Toray Industries, Inc.

Background

Digital Annealer expected to solve complex optimization problems

The limit to increases in computer performance, as expressed in Moore’s Law^*1 , is fast approaching. It is anticipated that quantum computing will provide the solution to this, becoming the next generation of computing architecture. However, few actual solutions are currently available. Fujitsu’s Digital Annealer is one such solution, designed for solving combinatorial optimization problems by adopting a general purpose solution called the ‘simulated annealing’ method. It brings advantages of quantum computer into the digital circuit. Fujitsu is already conducting joint research with a number of companies to discover groundbreaking ways of using the Digital Annealer in business, and Toray Industries (Toray) is one of partners.

The first theme of the joint research between Toray and Fujitsu was the optimization of molecular structures. They verified predictions of the most stable structures of proteins by using Digital Annealer. According to Dr. Ryuji Tanimura, Head of Computer-Aided Drug Design, Pharmaceutical Research Laboratories at Toray, “Proteins, which include enzymes, antibodies and receptors, form complex structures and experimentation to analyze them is extremely labor-intensive.”

To determine the structure of a protein through experimentation, crystals with stable molecular structures must be created and analyzed with X-rays or other techniques. However, crystallizing and stabilizing proteins is a difficult process. Growing protein crystals is a time-consuming process. It can take anywhere from a few months to half a year, or even more in some cases and it is not uncommon to discover, even after investing all this time that the process has failed. Consequently, to overcome such lengthy intervals, researchers are looking to computation as a means of predicting the optimal combinations of different, novel molecular arrangements, what is known technically as the side chain^*2 conformation^*3 of proteins.

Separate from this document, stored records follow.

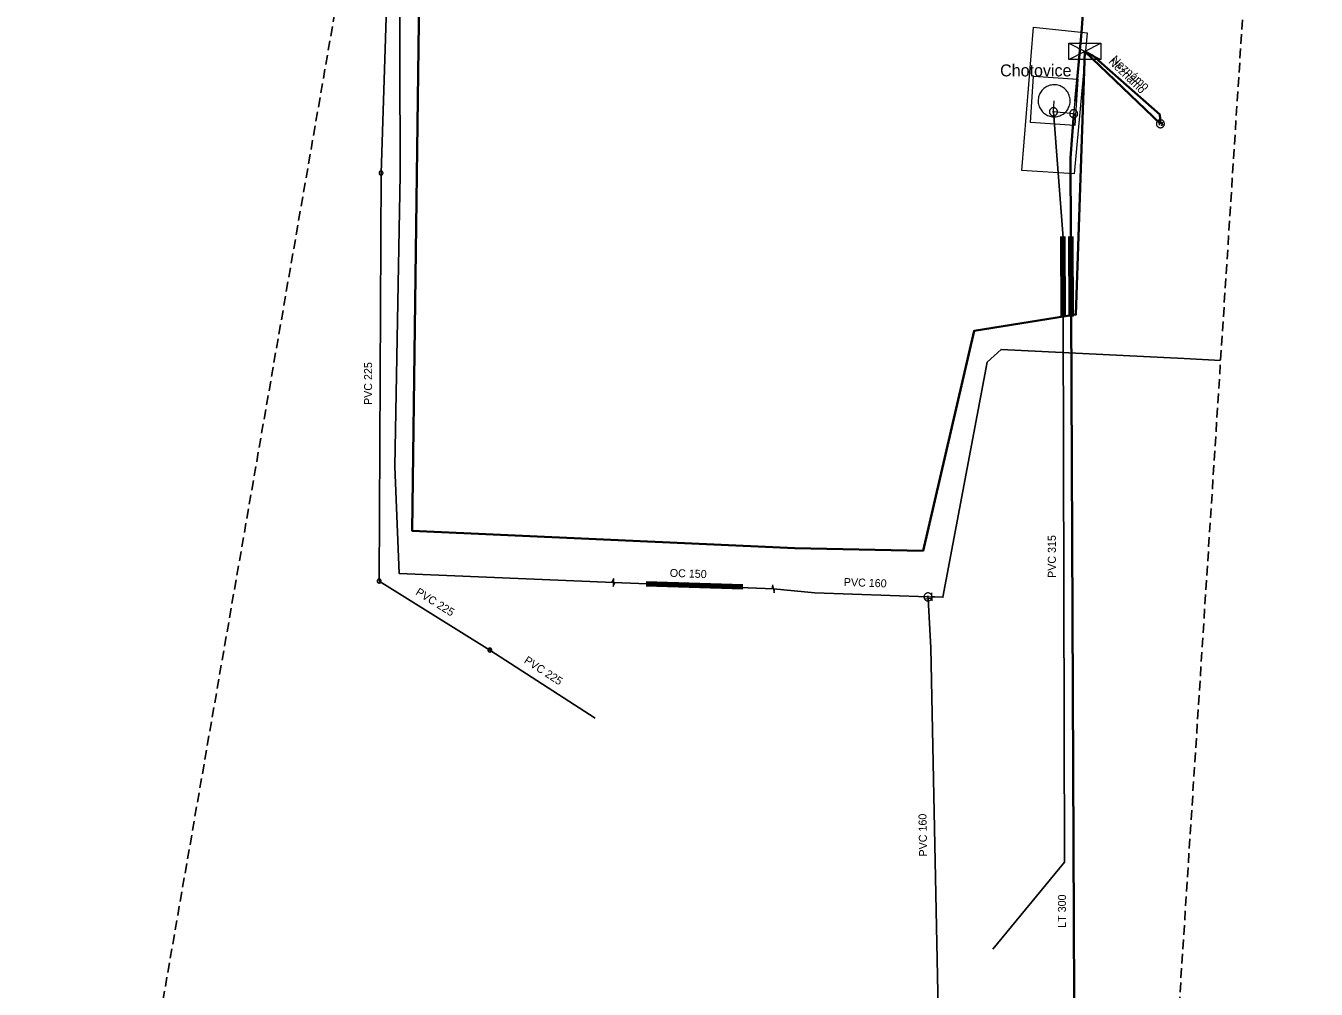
# Model space of a CAD drawing. Extents: x -724358 to -723714, y -973310 to -972026.
# Drawn here: x -723874.8 to -723713.6, y -972299.6 to -972179.2 of the extents above; entities that cross this region are included whole.
import ezdxf

# ---------------------------------------------------------------- set-up
doc = ezdxf.new("R2010")
doc.units = 0
doc.header["$LTSCALE"] = 0.4
doc.linetypes.add('MEDIUM_DASHED', pattern=[4.5, 3, -1.5])
for name, color, linetype, lineweight in [('1', 7, 'Continuous', 13), ('11', 7, 'Continuous', 13), ('14', 7, 'Continuous', 13), ('17', 7, 'Continuous', 25), ('19', 7, 'Continuous', 13), ('2', 7, 'Continuous', 13), ('23', 7, 'Continuous', 13), ('3', 7, 'Continuous', 106), ('34', 7, 'Continuous', 13), ('47', 7, 'Continuous', 13), ('5', 7, 'Continuous', 13)]:
    doc.layers.add(name, color=color, linetype=linetype, lineweight=lineweight)

msp = doc.modelspace()

# ---------------------------------------------------------------- linework, layer by layer
at = {"layer": '1', "linetype": 'MEDIUM_DASHED', "lineweight": 25}
msp.add_lwpolyline([(-723809.944, -972026.35), (-723713.647, -972034.723), (-723734.581, -972361.295), (-724123.956, -973039.561), (-724241.187, -973309.611), (-724358.418, -973148.418), (-723860.186, -972315.24)], close=True, dxfattribs=at)
at = {"layer": '11', "lineweight": 35}
msp.add_line((-723733.109, -972191.412), (-723742.539, -972182.375), dxfattribs=at)
for points in [[(-723742.539, -972182.375), (-723743.653, -972215.278), (-723756.353, -972217.294), (-723762.745, -972244.802), (-723778.784, -972244.465), (-723826.592, -972242.306), (-723825.083, -972127.91), (-723824.595, -972110.591)], [(-723733.109, -972191.412), (-723733.191, -972190.274), (-723741.513, -972182.914), (-723742.539, -972182.375)]]:
    msp.add_lwpolyline(points, dxfattribs=at)
at = {"layer": '14'}
for p, q in [((-723746.467, -972189.923), (-723746.38, -972188.552)), ((-723743.942, -972190.171), (-723743.773, -972188.606)), ((-723743.942, -972190.171), (-723746.467, -972189.923)), ((-723762.141, -972250.574), (-723761.699, -972250.557)), ((-723762.141, -972250.574), (-723762.127, -972250.817))]:
    msp.add_line(p, q, dxfattribs=at)
at = {"layer": '17'}
for p, q in [((-723828.259, -972131.66), (-723830.468, -972197.579)), ((-723830.468, -972197.579), (-723830.698, -972248.589)), ((-723830.698, -972248.589), (-723816.868, -972257.208)), ((-723801.442, -972248.757), (-723781.46, -972249.579)), ((-723816.868, -972257.208), (-723803.709, -972265.739))]:
    msp.add_line(p, q, dxfattribs=at)
at = {"layer": '17', "lineweight": 35}
for points in [[(-723743.773, -972188.606), (-723742.971, -972179.993), (-723740.07, -972139.669), (-723723.419, -972117.993), (-723723.649, -972046.19), (-723722.935, -972033.916)], [(-723743.546, -972376.912), (-723744.353, -972195.662), (-723743.942, -972190.171)]]:
    msp.add_lwpolyline(points, dxfattribs=at)
at = {"layer": '17'}
for points in [[(-723826.673, -972122.54), (-723827.01, -972131.44), (-723828.149, -972167.84), (-723828.07, -972197.809), (-723828.76, -972234.25), (-723828.18, -972247.66), (-723801.442, -972248.757)], [(-723746.467, -972189.923), (-723745.869, -972197.568), (-723745.265, -972205.661), (-723745.265, -972215.649), (-723745.075, -972283.729), (-723754.023, -972294.595)], [(-723761.699, -972250.557), (-723761.269, -972250.544), (-723760.267, -972250.613), (-723754.736, -972221.217), (-723753, -972219.627), (-723730.151, -972220.784), (-723725.589, -972221.021)], [(-723781.46, -972249.579), (-723776.276, -972250.054), (-723762.141, -972250.574)], [(-723762.127, -972250.817), (-723761.789, -972256.934), (-723760.87, -972302.05), (-723760.1, -972327.35), (-723758.879, -972345.77), (-723769.449, -972376.989), (-723783.98, -972421.96), (-723799.539, -972459.809), (-723816.43, -972500.719), (-723818.009, -972505.129)]]:
    msp.add_lwpolyline(points, dxfattribs=at)
at = {"layer": '19'}
for p, q in [((-723744.54, -972183.384), (-723740.538, -972181.366)), ((-723744.54, -972181.366), (-723740.538, -972183.384)), ((-723733.4, -972191.246), (-723733.164, -972191.246)), ((-723733.281, -972191.246), (-723733.281, -972191.601)), ((-723733.109, -972190.927), (-723733.109, -972190.856))]:
    msp.add_line(p, q, dxfattribs=at)
for points in [[(-723744.54, -972181.366), (-723740.538, -972181.366), (-723740.538, -972183.384), (-723744.54, -972183.384)], [(-723732.612, -972191.424), (-723732.616, -972191.371), (-723732.624, -972191.321), (-723732.637, -972191.27), (-723732.656, -972191.221), (-723732.678, -972191.176), (-723732.708, -972191.132), (-723732.74, -972191.091), (-723732.776, -972191.055), (-723732.817, -972191.023), (-723732.861, -972190.993), (-723732.906, -972190.971), (-723732.955, -972190.952), (-723733.006, -972190.939), (-723733.057, -972190.931), (-723733.109, -972190.927), (-723733.161, -972190.931), (-723733.212, -972190.939), (-723733.262, -972190.952), (-723733.311, -972190.971), (-723733.357, -972190.993), (-723733.401, -972191.023), (-723733.441, -972191.055), (-723733.477, -972191.091), (-723733.509, -972191.132), (-723733.539, -972191.176), (-723733.562, -972191.221), (-723733.58, -972191.27), (-723733.594, -972191.321), (-723733.602, -972191.371), (-723733.605, -972191.424), (-723733.602, -972191.476), (-723733.594, -972191.527), (-723733.58, -972191.577), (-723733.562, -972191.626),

Dr. Tanimura explains, “Combination algorithms capable of predicting optimal structures have been available before. The performance of conventional general-purpose computers has allowed us to use these to make predictions for small proteins, but as the combinations of the side chain conformation increase, it was hard to reach answers in practical time.”

Toray looked to the Digital Annealer as a means of potentially overcoming this problem.

• *1
  Moore’s Law is a prediction that the number of elements in an integrated circuit would double every 18 months in Semiconductor industry
• *2
  A spot where branches from main chain of proteins
• *3
  The spatial arrangement of the atoms affording distinction between stereoisomers which can be interconverted by rotations about formally single bonds

Outcome and next step

A shift to “in silico” is changing the rules of the market competition

This co-creation project between Toray and Fujitsu provided confidence in the ability of the Digital Annealer to design proteins, so the development of a design program for predicting desired protein structures is being considered as the next step. Meanwhile, Toray and Fujitsu are currently planning their next joint research project to conduct trials in the area of new materials, which accounts for a large share of Toray’s sales. The two companies have also begun to investigate the formulation of new algorithms to use the Digital Annealer for simulating the development of polymers and other materials.

Digital Annealer used in this project had 1,024 bits connectivity, and will evolve into a second generation with 8,192 bits, which will expand the scope of its application. It is also expected to be able to solve more complex problems.

Dr. Tanimura explains his vision, “In the past, drug candidates were evaluated randomly, with verification through animal testing at the end. There can be up to a million possibilities. By narrowing numbers of evaluating methods down through the computation as much as possible, we hope to reduce the number of possibilities down to 1,000 or even 100.” This represents a shift from in vivo (animal experiments) through to in vitro (test tube experiments) and now to in silico (computer experiments).

This shift changes the principles of research and development of new medicine competition. “If we can improve the precision of in silico, it will become a contest of intelligence rather than scale and size. That is the world that I wish to see,” concludes Dr. Tanimura enthusiastically. Fujitsu and Toray have launched a co-creation initiative that will open frontiers and bring us to the next level.